Authors: J.L. Saint
“Fidel! Come quickly,” Andreas called.
Fidel hurried into the room and snapped to attention.
“Take them back. They have only upset George! It would serve them right if I just left them for George to play with as he will.” Fidel left with Collins’s rude children.
Andreas went over and picked up his son and caressed his cheek. “It’s all right,
mi hijo
. I will find you some playmates, don’t you worry. Those
chicos
were mean. I had the same problem, but we’ll take care of teaching them some manners very soon. It’s money that made them bad. They had more than others. Just you wait, everyone will have the same and you and your kind will be just as important as everyone else. Even those bad
chicos
. Maybe you’ll be more important.”
George lifted his head and smiled, baring his teeth.

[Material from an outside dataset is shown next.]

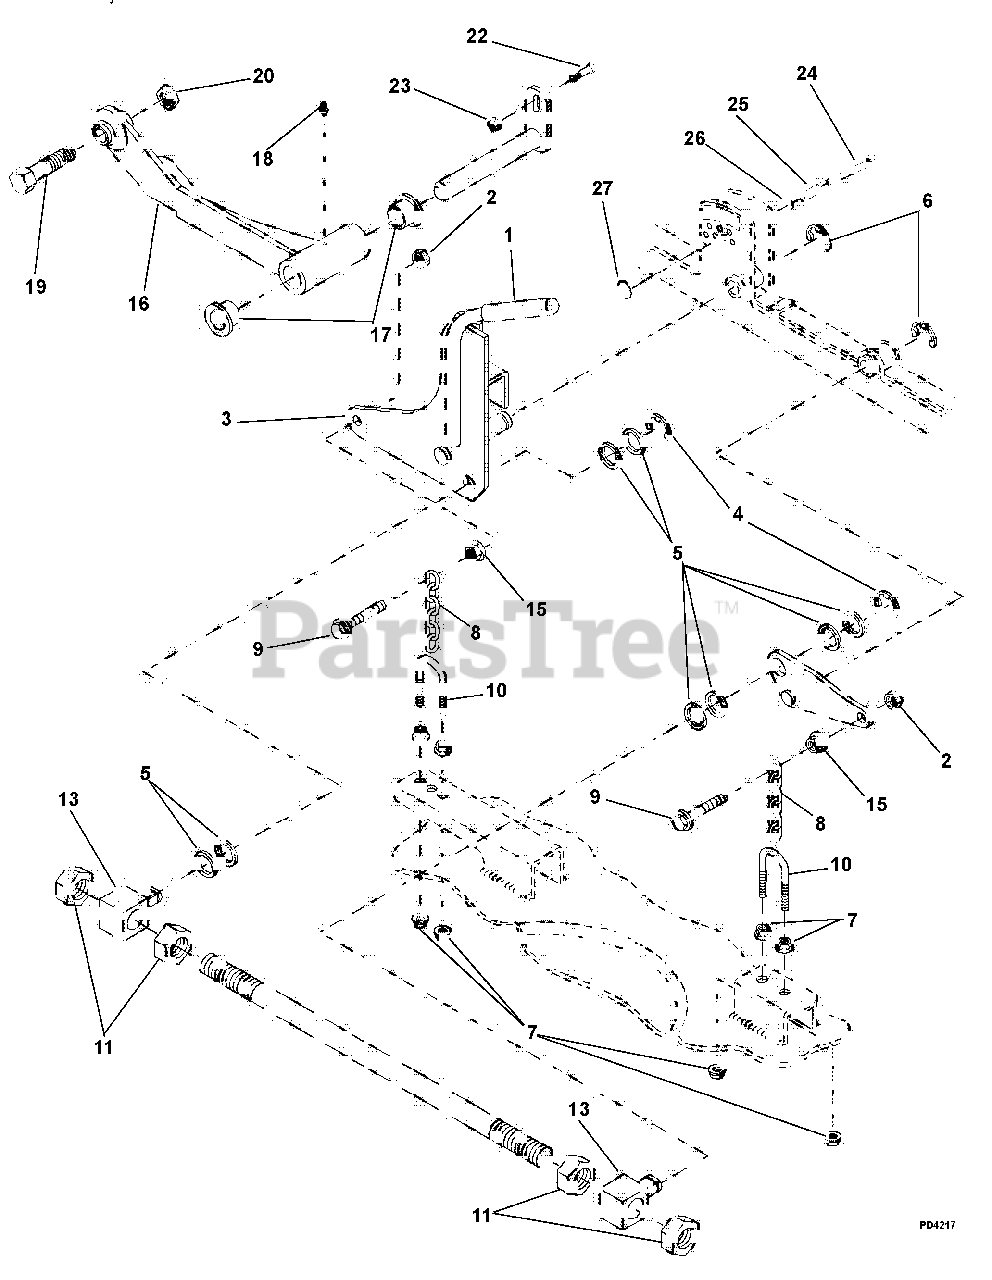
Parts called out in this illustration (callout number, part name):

Andreas smiled back. He’d tell Fidel to speed up with the attacks against Sheikh Khalifa bin Zayed Al Nahyan and he’d make the call to Lauren Collins tonight. The sooner Andreas got what he wanted, the sooner George would too.
The Angel of Mercy was crying and he would be her hero. Conrad went to where Angie had her cheek pressed hard to the door. They’d just pulled the two boys out kicking and screaming with Angie doing her best to disable anything she could reach and now she was alone and defeated.

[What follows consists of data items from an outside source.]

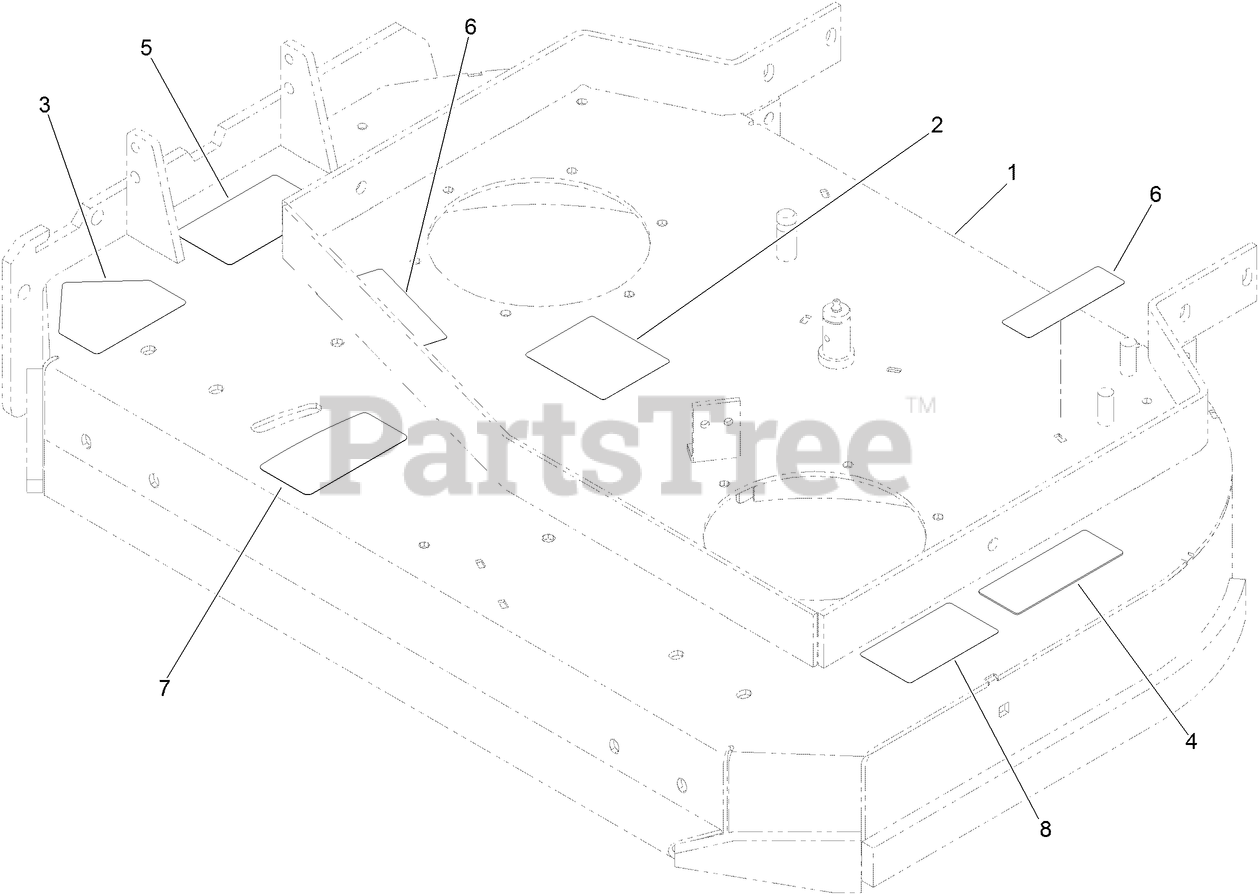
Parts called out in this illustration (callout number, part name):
1	36 INCH DECK ASM
2	DECAL-ROUTING, BELT
3	DECAL-DANGER
4	DECAL-TORQUE, BOLT
5	DECAL-DANGER
6	DECAL-MISSING, COVER
7	DECAL-ADJUSTMENT, BAFFLE
8	DECAL-DANGER

Conrad set a firm hand on Angie’s shoulder and urged her away from the wall. She needed to have those breasts smashing against him and not cold concrete. “Hey, don’t do this to yourself,” he told her. “It’s going to be all right. We’re going to get out of here. The boys are going to be fine.”
She looked up at him, and damn, why did women cry. It did nothing but mess up good stuff. Her nose was red, her eyes were running, and her skin was blotchy. “I know. I know. It has to work out that way, anything else is unacceptable.”

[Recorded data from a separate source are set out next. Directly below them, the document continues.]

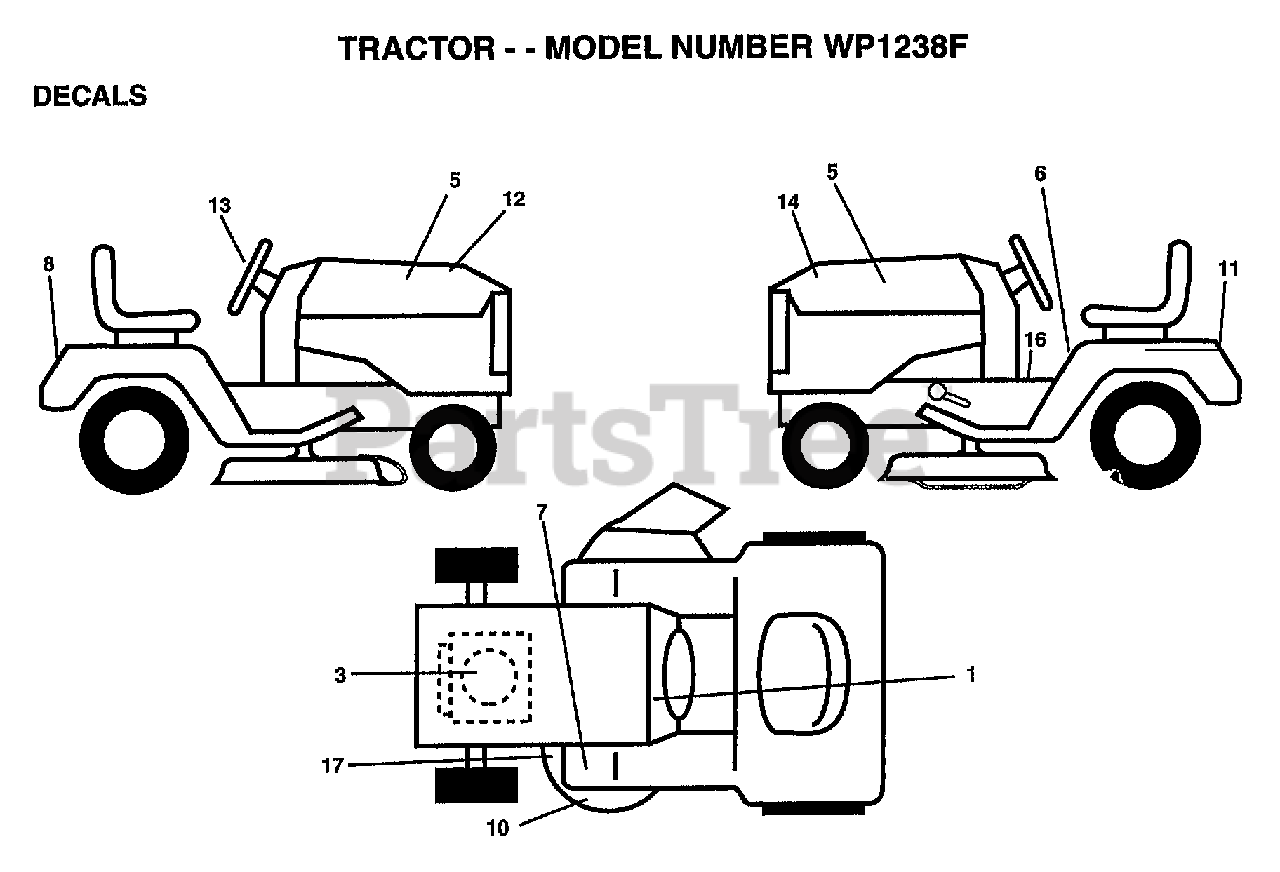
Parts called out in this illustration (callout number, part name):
1	"DECAL-OPER,GEAR D"
5	DECAL.HOOD.LOGO.
6	"DECAL DANGER,FEND"
8	DECAL, FENDER LOGO
11	DECAL.BATRY.3-3908
12	DECAL.HD.RH.WINST
13	DECAL, WHEEL CAP
14	DECAL.HD.LH.WINST
16	DECAL BRAK PARK
17	DECAL

“Angie. Angie?” The other dude in the other room called out.
Angie snapped her head up and nodded. “You’re right. It’s really going to be okay. Rico is getting better by the hour.” She patted Conrad on the cheek and ran to the other dude.
Jaysus that man had to go. Conrad followed. He needed to make an assessment of the other dude’s condition, so he’d have a good idea of what would be needed to take him out tonight.
Conrad stopped at the doorway. The other dude was sitting up on the side of the bed. His bloody shirt was gone, leaving his torso bare except for Angie’s bra anchoring the man’s broken arm against his chest. The man held his head in his good hand and moaned.
Angie went right up to him and placed her palm lovingly on the man’s cheek. “Oh, Rico. Thank God. You’re fully awake now? You remember what happened?”
“Yeah. How long? How long have I been out?”
“Long enough to have me on my knees begging for a miracle, buddy. Almost twenty-four hours.”
“Where are we?”
“Not sure yet, and don’t know who had kidnapped us, but we are in a Spanish speaking country.”
“Where are the boys?”
Angie drew a deep breath. “They just took them away, Rico. God, I tried to stop the guard, but…I…couldn’t.” She started to cry again.
“Shit.” The man put his good arm around her and hugged him to her, squashing those glorious breasts against him. “Don’t worry. I’ll get to them. Help me get upright so I can start getting my shit together. I’ll— Who the hell is he?”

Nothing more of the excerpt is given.